Test edge cases thoroughly. Empty strings, very long strings, strings with special characters, Unicode characters, and strings that almost match can reveal bugs. Regex bugs are often subtle—a pattern that works for typical inputs may fail on edge cases. Use a comprehensive test suite and consider fuzz testing with random input generation.

Document complex patterns with comments and examples. Many regex flavors support verbose mode (x flag) allowing whitespace and comments within patterns. Even without verbose mode, add comments explaining what each pattern does and provide example matches and non-matches. Your future self and teammates will thank you when maintaining the code.

FAQ

Why does my regex work in one language but not another?

Different programming languages implement different regex flavors with varying features. JavaScript lacks lookbehinds (until ES2018) and possessive quantifiers. Python uses \A and \Z for string anchors instead of ^ and $ in multiline mode. Java requires double-escaping backslashes in string literals. Test patterns in your target language and consult its specific documentation. Tools like regex101.com let you select different flavors to test compatibility.

What's the difference between greedy and lazy quantifiers?

Greedy quantifiers (* + {n,}) match as much as possible while still allowing the overall pattern to match. Lazy quantifiers (*? +? {n,}?) match as little as possible. In <div>test</div>, the pattern <.*> (greedy) matches the entire string, while <.*?> (lazy) matches <div> and </div> separately. Use lazy quantifiers when you want minimal matches or need to capture content between delimiters.

How can I match Unicode characters and emoji?

Modern regex engines support Unicode through property escapes and the u flag. In JavaScript (ES2018+), use \p{Letter} to match any letter in any language, \p{Emoji} for emoji, or \p{Script=Han} for Chinese characters. Enable the u flag: /\p{Letter}+/u. In Python, patterns automatically handle Unicode. For older engines, you may need to specify Unicode code point ranges like [\u4E00-\u9FFF] for Chinese characters.

What is catastrophic backtracking and how do I avoid it?

Catastrophic backtracking occurs when a regex with nested quantifiers tries exponentially many match combinations.

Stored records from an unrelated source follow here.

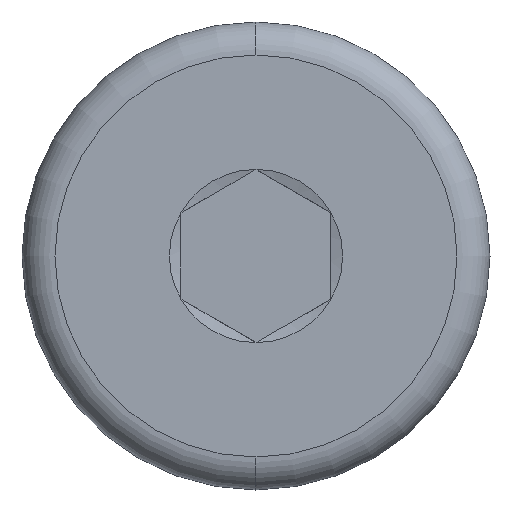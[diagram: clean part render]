
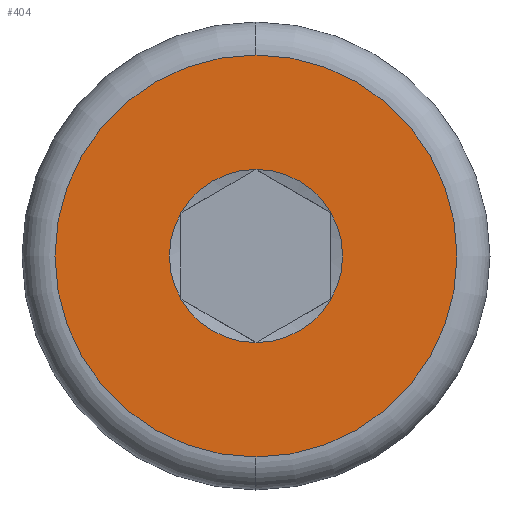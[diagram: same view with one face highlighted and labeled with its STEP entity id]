
A CAD part, left-side view. The second image highlights one B-rep face of the part: STEP entity #404.
In plain terms, the highlighted planar face has unit normal (-1, 0, 0).
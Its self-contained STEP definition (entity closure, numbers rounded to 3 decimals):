
#9 = EDGE_CURVE ( 'NONE', #387, #236, #439, .T. ) ;
#13 = CARTESIAN_POINT ( 'NONE',  ( 0., 0., 0. ) ) ;
#22 = ORIENTED_EDGE ( 'NONE', *, *, #530, .T. ) ;
#24 = CARTESIAN_POINT ( 'NONE',  ( 0., 0., 2.887 ) ) ;
#26 = AXIS2_PLACEMENT_3D ( 'NONE', #673, #618, #578 ) ;
#58 = CARTESIAN_POINT ( 'NONE',  ( 0., 0., 0. ) ) ;
#74 = EDGE_CURVE ( 'NONE', #552, #159, #401, .T. ) ;
#81 = EDGE_CURVE ( 'NONE', #390, #548, #220, .T. ) ;
#84 = PLANE ( 'NONE',  #319 ) ;
#87 = DIRECTION ( 'NONE',  ( -1., 0., 0. ) ) ;
#98 = DIRECTION ( 'NONE',  ( 1., 0., 0. ) ) ;
#103 = CARTESIAN_POINT ( 'NONE',  ( 0., 0., 0. ) ) ;
#122 = CARTESIAN_POINT ( 'NONE',  ( 0., 0., 6.7 ) ) ;
#137 = EDGE_LOOP ( 'NONE', ( #509, #22, #665, #277, #282, #445 ) ) ;
#159 = VERTEX_POINT ( 'NONE', #672 ) ;
#174 = CIRCLE ( 'NONE', #653, 6.7 ) ;
#178 = DIRECTION ( 'NONE',  ( 0., 0., 1. ) ) ;
#185 = AXIS2_PLACEMENT_3D ( 'NONE', #568, #614, #393 ) ;
#188 = ORIENTED_EDGE ( 'NONE', *, *, #491, .F. ) ;
#189 = ORIENTED_EDGE ( 'NONE', *, *, #9, .F. ) ;
#190 = FACE_BOUND ( 'NONE', #137, .T. ) ;
#198 = DIRECTION ( 'NONE',  ( 1., 0., 0. ) ) ;
#209 = DIRECTION ( 'NONE',  ( 0., 0., -1. ) ) ;
#215 = AXIS2_PLACEMENT_3D ( 'NONE', #103, #198, #621 ) ;
#220 = CIRCLE ( 'NONE', #281, 2.887 ) ;
#228 = EDGE_CURVE ( 'NONE', #571, #506, #503, .T. ) ;
#236 = VERTEX_POINT ( 'NONE', #122 ) ;
#243 = DIRECTION ( 'NONE',  ( 1., 0., 0. ) ) ;
#275 = DIRECTION ( 'NONE',  ( 1., 0., 0. ) ) ;
#276 = AXIS2_PLACEMENT_3D ( 'NONE', #352, #98, #307 ) ;
#277 = ORIENTED_EDGE ( 'NONE', *, *, #592, .T. ) ;
#281 = AXIS2_PLACEMENT_3D ( 'NONE', #533, #312, #209 ) ;
#282 = ORIENTED_EDGE ( 'NONE', *, *, #81, .T. ) ;
#285 = EDGE_LOOP ( 'NONE', ( #189, #188 ) ) ;
#286 = DIRECTION ( 'NONE',  ( 0., 0., -1. ) ) ;
#289 = CARTESIAN_POINT ( 'NONE',  ( 0., 0., -6.7 ) ) ;
#307 = DIRECTION ( 'NONE',  ( 0., 0., -1. ) ) ;
#312 = DIRECTION ( 'NONE',  ( 1., 0., 0. ) ) ;
#314 = DIRECTION ( 'NONE',  ( 0., 0., -1. ) ) ;
#319 = AXIS2_PLACEMENT_3D ( 'NONE', #403, #87, #178 ) ;
#320 = DIRECTION ( 'NONE',  ( 0., 0., -1. ) ) ;
#345 = CARTESIAN_POINT ( 'NONE',  ( 0., 0., 0. ) ) ;
#352 = CARTESIAN_POINT ( 'NONE',  ( 0., 0., 0. ) ) ;
#356 = CIRCLE ( 'NONE', #26, 2.887 ) ;
#387 = VERTEX_POINT ( 'NONE', #289 ) ;
#390 = VERTEX_POINT ( 'NONE', #395 ) ;
#393 = DIRECTION ( 'NONE',  ( 0., 0., -1. ) ) ;
#395 = CARTESIAN_POINT ( 'NONE',  ( 0., 0., -2.887 ) ) ;
#398 = CIRCLE ( 'NONE', #276, 2.887 ) ;
#399 = FACE_OUTER_BOUND ( 'NONE', #285, .T. ) ;
#401 = CIRCLE ( 'NONE', #581, 2.887 ) ;
#403 = CARTESIAN_POINT ( 'NONE',  ( 0., 0., 0. ) ) ;
#404 = ADVANCED_FACE ( 'NONE', ( #190, #399 ), #84, .T. ) ;
#432 = CIRCLE ( 'NONE', #215, 2.887 ) ;
#439 = CIRCLE ( 'NONE', #185, 6.7 ) ;
#445 = ORIENTED_EDGE ( 'NONE', *, *, #620, .T. ) ;
#469 = DIRECTION ( 'NONE',  ( 1., 0., 0. ) ) ;
#470 = CARTESIAN_POINT ( 'NONE',  ( 0., -2.5, 1.443 ) ) ;
#491 = EDGE_CURVE ( 'NONE', #236, #387, #174, .T. ) ;
#503 = CIRCLE ( 'NONE', #590, 2.887 ) ;
#506 = VERTEX_POINT ( 'NONE', #24 ) ;
#509 = ORIENTED_EDGE ( 'NONE', *, *, #228, .T. ) ;
#528 = CARTESIAN_POINT ( 'NONE',  ( 0., 2.5, -1.443 ) ) ;
#530 = EDGE_CURVE ( 'NONE', #506, #552, #356, .T. ) ;
#533 = CARTESIAN_POINT ( 'NONE',  ( 0., 0., 0. ) ) ;
#548 = VERTEX_POINT ( 'NONE', #528 ) ;
#552 = VERTEX_POINT ( 'NONE', #470 ) ;
#568 = CARTESIAN_POINT ( 'NONE',  ( 0., 0., 0. ) ) ;
#571 = VERTEX_POINT ( 'NONE', #572 ) ;
#572 = CARTESIAN_POINT ( 'NONE',  ( 0., 2.5, 1.443 ) ) ;
#578 = DIRECTION ( 'NONE',  ( 0., 0., -1. ) ) ;
#581 = AXIS2_PLACEMENT_3D ( 'NONE', #58, #469, #314 ) ;
#590 = AXIS2_PLACEMENT_3D ( 'NONE', #13, #275, #320 ) ;
#592 = EDGE_CURVE ( 'NONE', #159, #390, #398, .T. ) ;
#614 = DIRECTION ( 'NONE',  ( 1., 0., 0. ) ) ;
#618 = DIRECTION ( 'NONE',  ( 1., 0., 0. ) ) ;
#620 = EDGE_CURVE ( 'NONE', #548, #571, #432, .T. ) ;
#621 = DIRECTION ( 'NONE',  ( 0., 0., -1. ) ) ;
#653 = AXIS2_PLACEMENT_3D ( 'NONE', #345, #243, #286 ) ;
#665 = ORIENTED_EDGE ( 'NONE', *, *, #74, .T. ) ;
#672 = CARTESIAN_POINT ( 'NONE',  ( 0., -2.5, -1.443 ) ) ;
#673 = CARTESIAN_POINT ( 'NONE',  ( 0., 0., 0. ) ) ;
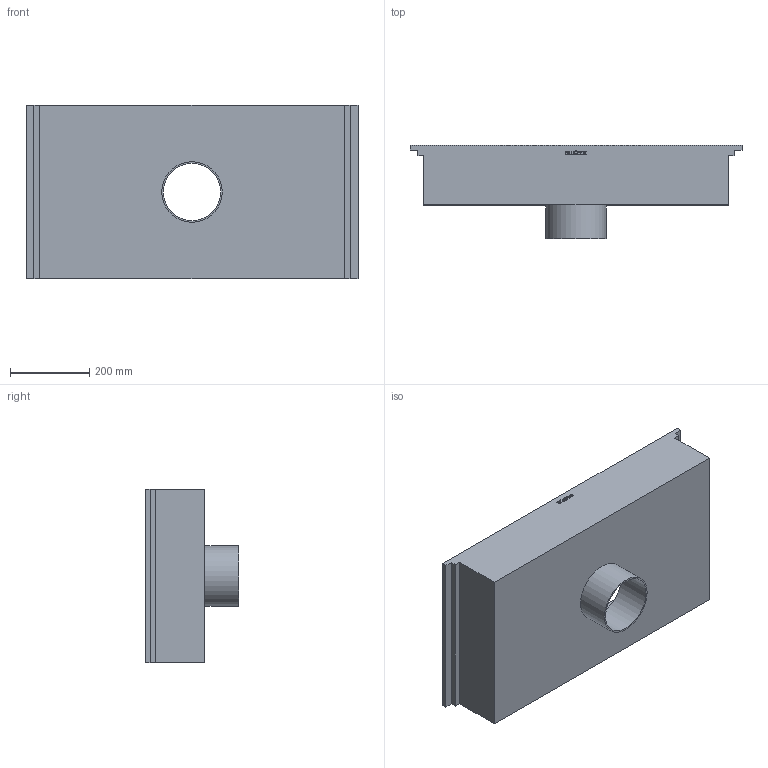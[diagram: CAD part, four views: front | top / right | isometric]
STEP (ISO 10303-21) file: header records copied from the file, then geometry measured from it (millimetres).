
FILE_DESCRIPTION((''),'2;1');
FILE_NAME('I:\WATTS\3D_CAD\3D_CAD_Models\Blucher_Drains\BKC_KitchenChannels\BKC-200\WebsiteFiles\3D\STEP\BKC-206-6.stp','2009-11-30T08:52:39',('menesek'),(''),'Autodesk Inventor 2010','Autodesk Inventor 2010','');
FILE_SCHEMA(('AUTOMOTIVE_DESIGN { 1 0 10303 214 1 1 1 1 }'));
Length unit declared in the file: inch
Products named in the file (1): BKC-206-6
Bounding box: 837 x 235 x 437 mm (x, y, z)
Volume: 6665050.4 mm3; surface area: 1482524.8 mm2
Topology: 1 solids, 1 shells, 142 faces, 385 edges, 257 vertices
Faces by surface type: plane 95, bspline 45, cylinder 2
Full cylindrical faces by diameter (mm): 144.4 x1, 152.4 x1
Entity records: 4799 total; most frequent: CARTESIAN_POINT 1501, ORIENTED_EDGE 764, DIRECTION 492, EDGE_CURVE 382, VECTOR 288, LINE 288, VERTEX_POINT 256, EDGE_LOOP 158
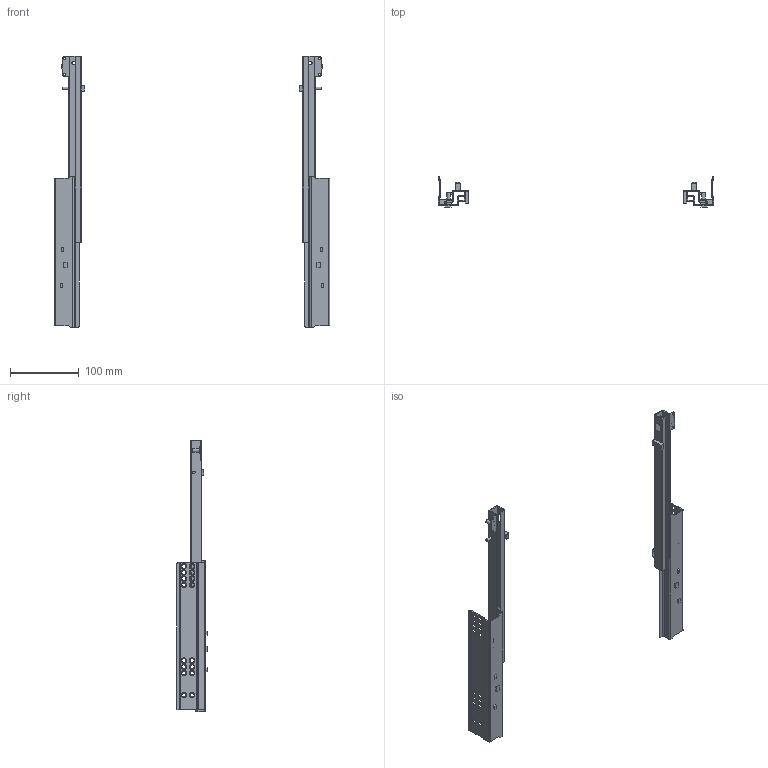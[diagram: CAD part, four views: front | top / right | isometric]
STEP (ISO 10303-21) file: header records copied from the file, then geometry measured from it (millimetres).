
FILE_DESCRIPTION(/* description */ (''),/* implementation_level */ '2;1');
FILE_NAME(/* name */ 'D:\$Workingspace\Designs\Katalog\Cadsoft\GTV Prowadnice\Prowadnice GTV_bryły 3D\PB-G10HX-300_wysunieta.stp',/* time_stamp */ '2016-11-21T14:27:26+01:00',/* author */ ('tomaszw'),/* organization */ (''),/* preprocessor_version */ 'ST-DEVELOPER v16.1',/* originating_system */ 'Autodesk Inventor 2016',/* authorisation */ '');
FILE_SCHEMA (('AUTOMOTIVE_DESIGN { 1 0 10303 214 3 1 1 }'));
Length unit declared in the file: millimetre
Products named in the file (5): PB-G10HX-CL-300; PB-G10HX-CR-300; PB-G10HX-DL-300; PB-G10HX-DR-300; PB-G10HX
Assembly tree (4 placements, depth 2):
  PB-G10HX
    PB-G10HX-CL-300
    PB-G10HX-CR-300
    PB-G10HX-DL-300
    PB-G10HX-DR-300
Bounding box: 400 x 43.8 x 394 mm (x, y, z)
Volume: 134681.9 mm3; surface area: 156408.9 mm2
Topology: 8 solids, 8 shells, 372 faces, 982 edges, 640 vertices
Faces by surface type: plane 222, cylinder 110, cone 32, sphere 8
Full cylindrical faces by diameter (mm): 2 x2, 3 x4, 4 x2, 5 x4, 6 x32, 9 x2, 10 x2
Entity records: 11425 total; most frequent: DIRECTION 1886, CARTESIAN_POINT 1857, ORIENTED_EDGE 1744, EDGE_CURVE 870, AXIS2_PLACEMENT_3D 635, LINE 616, VECTOR 616, VERTEX_POINT 606
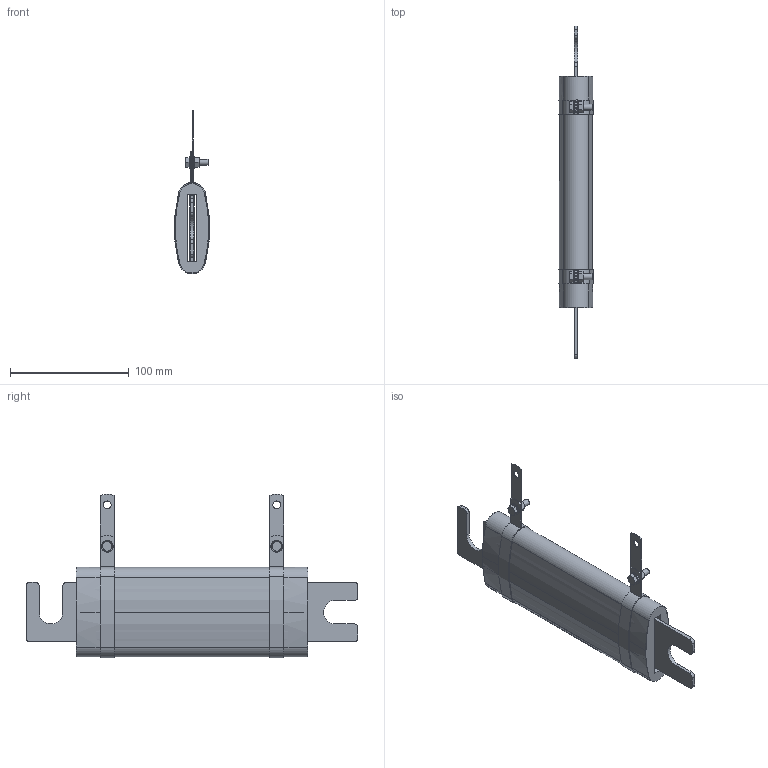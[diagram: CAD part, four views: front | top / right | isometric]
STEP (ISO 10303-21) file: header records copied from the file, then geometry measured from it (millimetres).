
FILE_DESCRIPTION(/* description */ (''),/* implementation_level */ '2;1');
FILE_NAME(/* name */ 'C:\_Vault\Dati\CATALOGO\RCE\RCE 300-1800\CE0500.stp',/* time_stamp */ '2014-01-22T16:08:26+01:00',/* author */ ('stefano'),/* organization */ (''),/* preprocessor_version */ 'ST-DEVELOPER v15.2',/* originating_system */ 'Autodesk Inventor 2014',/* authorisation */ '');
FILE_SCHEMA (('AUTOMOTIVE_DESIGN { 1 0 10303 214 3 1 1 }'));
Length unit declared in the file: millimetre
Products named in the file (1): CE0500
Bounding box: 29.17 x 280 x 137.95 mm (x, y, z)
Volume: 309689.5 mm3; surface area: 137068 mm2
Topology: 5 solids, 7 shells, 262 faces, 648 edges, 424 vertices
Faces by surface type: plane 140, cylinder 102, cone 20
Full cylindrical faces by diameter (mm): 3 x2, 5 x4, 5.3 x4, 6.5 x6, 6.88 x2, 10 x4
Entity records: 7951 total; most frequent: CARTESIAN_POINT 1393, DIRECTION 1344, ORIENTED_EDGE 1256, EDGE_CURVE 616, AXIS2_PLACEMENT_3D 513, VERTEX_POINT 418, EDGE_LOOP 336, LINE 318

Patterns like (a+)+ or (a|a)* cause this. The engine backtracks through every possible way to distribute characters, taking seconds or minutes for short inputs. Avoid it by: not nesting quantifiers, using possessive quantifiers or atomic groups when available, being specific instead of using .*, and testing patterns with increasingly long inputs. Rewrite (a+)+ as a+ (usually what you meant anyway).